1. Field of the Invention
Embodiments of the invention relate to semiconductor memory devices. More particularly, embodiments of the invention relate to a flash memory device for an over-sampling read operation on a memory cell and an associated interfacing method.
2. Discussion of Related Art
Semiconductor memory devices are largely classified into volatile and non-volatile devices. Volatile semiconductor memory devices are characterized by fast reading and writing speeds, but the stored contents disappear when no external power is applied. In contrast, non-volatile semiconductor memory devices retain their stored contents even when no power is applied. Therefore, non-volatile semiconductor memory devices are used to store vital contents which must remain regardless of whether or not power is supplied to the device. Examples of non-volatile semiconductor memory devices include, for example, mask read-only memory (MROM), programmable read-only memory (PROM), erasable programmable read-only memory (EPROM), and electrically erasable programmable read-only memory (EEPROM).
Since erase and write operations are relatively complicated in MROM, PROM, and EPROM devices, memory contents may not be able to be updated. Because erase and write operations can be electrically done in EEPROM devices, these devices are more commonly used in system programming or auxiliary memory device applications which require continuous updating. Flash EEPROM devices have a higher degree of system integration compared to a typical EEPROM device because of its high-capacity memory applications. A NAND-type flash EEPROM (hereinafter, referred to as a NAND flash memory) has a remarkably higher degree of systems integration compared to other flash EEPROM.
As demands for memory capacity increases, devices that store multi-bit data in one memory cell are actively under development. When storing 1-bit data in a memory cell, the memory cell has two threshold voltage distributions; one voltage threshold corresponds to a data 1 and the other voltage threshold corresponds to a data 0. However, when storing 2-bit data in a single memory cell, the cell is programmed with one of four threshold voltage distributions. Additionally, when storing 3-bit data in a single memory cell, a memory cell is programmed with one of eight threshold voltage distributions. Recently, various technologies for storing 4-bit data on one memory cell are actively under development.
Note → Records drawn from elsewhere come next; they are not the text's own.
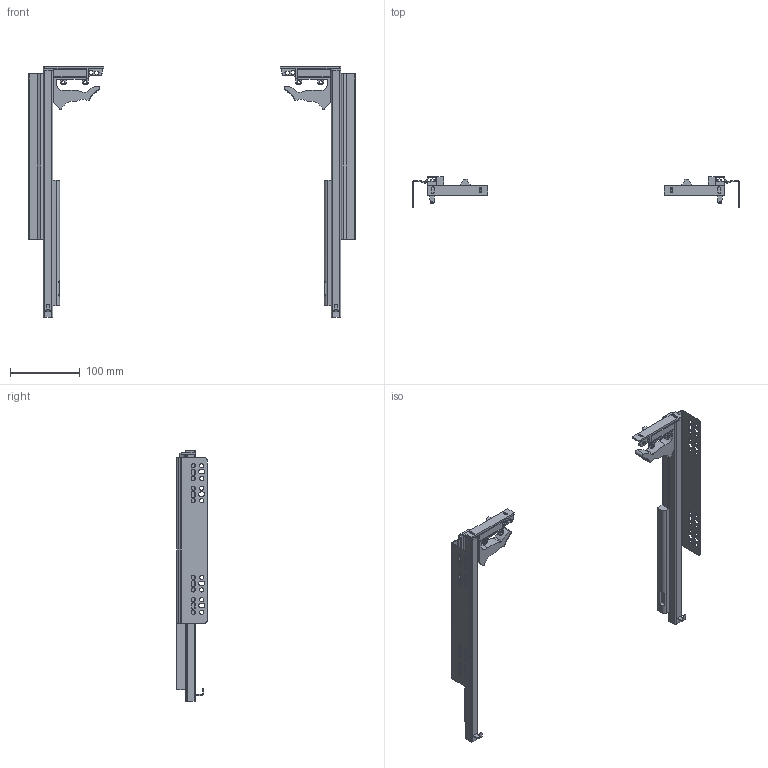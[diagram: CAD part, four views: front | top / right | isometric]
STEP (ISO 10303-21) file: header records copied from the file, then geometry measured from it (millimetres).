
FILE_DESCRIPTION(/* description */ ('Akc'),/* implementation_level */ '2;1');
FILE_NAME(/* name */ 'C:\Users\dmitruk\Documents\WORK\НАПРАВЛЯЮЩИЕ\Скрытого монтажа\Q-Type\Q-Type с замками (16 мм)\Q-Type с замками (16 мм)-350.stp',/* time_stamp */ '2022-04-22T17:47:18+03:00',/* author */ ('dmitruk'),/* organization */ (''),/* preprocessor_version */ 'ST-DEVELOPER v16.5',/* originating_system */ 'Autodesk Inventor 2017',/* authorisation */ '');
FILE_SCHEMA (('AUTOMOTIVE_DESIGN { 1 0 10303 214 3 1 1 }'));
Length unit declared in the file: millimetre
Products named in the file (6): Q-Type с замками 
(16 мм); Q-Type с замками \X2\043E0441
043D043E04320430043D04380435\X0\ L (16 мм); Q-Type с замками \X2\043E0441
043D043E04320430043D04380435\X0\ P (16 мм); Q-Type с замками 
выдвижение P; Крепление QType; Крепление QType P
Assembly tree (6 placements, depth 2):
  Q-Type с замками 
(16 мм)
    Q-Type с замками \X2\043E0441
043D043E04320430043D04380435\X0\ L (16 мм)
    Q-Type с замками 
выдвижение P  x2
    Q-Type с замками \X2\043E0441
043D043E04320430043D04380435\X0\ P (16 мм)
    Крепление QType
    Крепление QType P
Bounding box: 468 x 44 x 360 mm (x, y, z)
Volume: 211136.4 mm3; surface area: 222571.3 mm2
Topology: 16 solids, 16 shells, 578 faces, 1564 edges, 1022 vertices
Faces by surface type: plane 342, cylinder 212, cone 20, bspline 4
Full cylindrical faces by diameter (mm): 4.5 x4, 6 x32
Entity records: 17379 total; most frequent: CARTESIAN_POINT 3013, DIRECTION 2902, ORIENTED_EDGE 2824, EDGE_CURVE 1412, LINE 992, VECTOR 992, AXIS2_PLACEMENT_3D 955, VERTEX_POINT 950

FIG. 1a is a diagram illustrating a normal read operation of a typical multi-bit memory cell where read voltages 10 are used to read multi-bit data in a memory cell allocated between threshold voltage distributions corresponding to 3-bit data (i.e., ‘111’, ‘110’, ‘101’, . . . , ‘001’, ‘000’), respectively. Read voltage Vrd3 is applied to a word line of a memory cell to read data of a most significant bit (MSB) page (e.g., a first page) of 3-bit data. A read voltage Vrd1 or Vrd5 is applied to read data of a second page between the MSB page and a least significant bit (LSB) page (e.g., a third page). Lastly, read voltages Vrd0, Vrd2, Vrd4, and Vrd6 are applied to a word line of memory cells to read data of the LSB page.
Accurate control of a program voltage Vpgm and a verify voltage Vvfy is essential to storing multi-bit data in one memory cell. Each interval between threshold voltage distributions in memory cells can be densely controlled by accurately controlling the voltage. In particular, a step size of a program voltage can be reduced for dense threshold voltage distributions. However, this drastically decreases program speed. Otherwise, threshold voltage distributions of memory cells can be formed in a broader voltage range. A high voltage pump is required to accommodate this broader voltage range which in turn, increases device costs. Attempts to resolve the above limitations are typically targeted at the read operation rather than the program operation. One attempt focuses on an over-sampling read operation or a fractional read operation through a maximum likelihood method. The over-sampling read operation utilizes a relative interval from a reference value of the threshold voltage distribution (e.g., a middle value of threshold voltage distribution).
FIG. 1b is a diagram illustrating an over-sampling read operation of a multi-bit memory cell. Over-sampling read voltages Vfrd0 to Vfrd7 are set within each threshold voltage distribution not between threshold voltage distributions as illustrated in FIG. 1a. An over-sampling voltage is applied to perform an over-sampling read operation one time with respect to one threshold voltage distribution. Accordingly, the respective over-sampling read voltages Vfrd0 to Vfrd7 are set with middle values (or, average values) of corresponding threshold voltage distributions. However, when performing an over-sampling read operation two or three times with respect to one threshold voltage distribution, over-sampling read voltages are set with values that equally divide one threshold voltage distribution into a plurality of units.
By utilizing a normal read operation and an over-sampling read operation, the read operation can be performed using a relative interval from a reference value of a threshold voltage distribution (e.g., an average value of distribution). Over-sampling read or fractional read operations are disclosed in U.S. Pat. No. 7,023,735 entitled “METHODS OF INCREASING THE RELIABILITY OF A FLASH MEMORY” and Japanese Patent Publication No. 2001-101879 entitled “SEMICONDUCTOR MEMORY DEVICE”, which are incorporated by reference. Accordingly, there is a need for a device or method for outputting over-sampling data.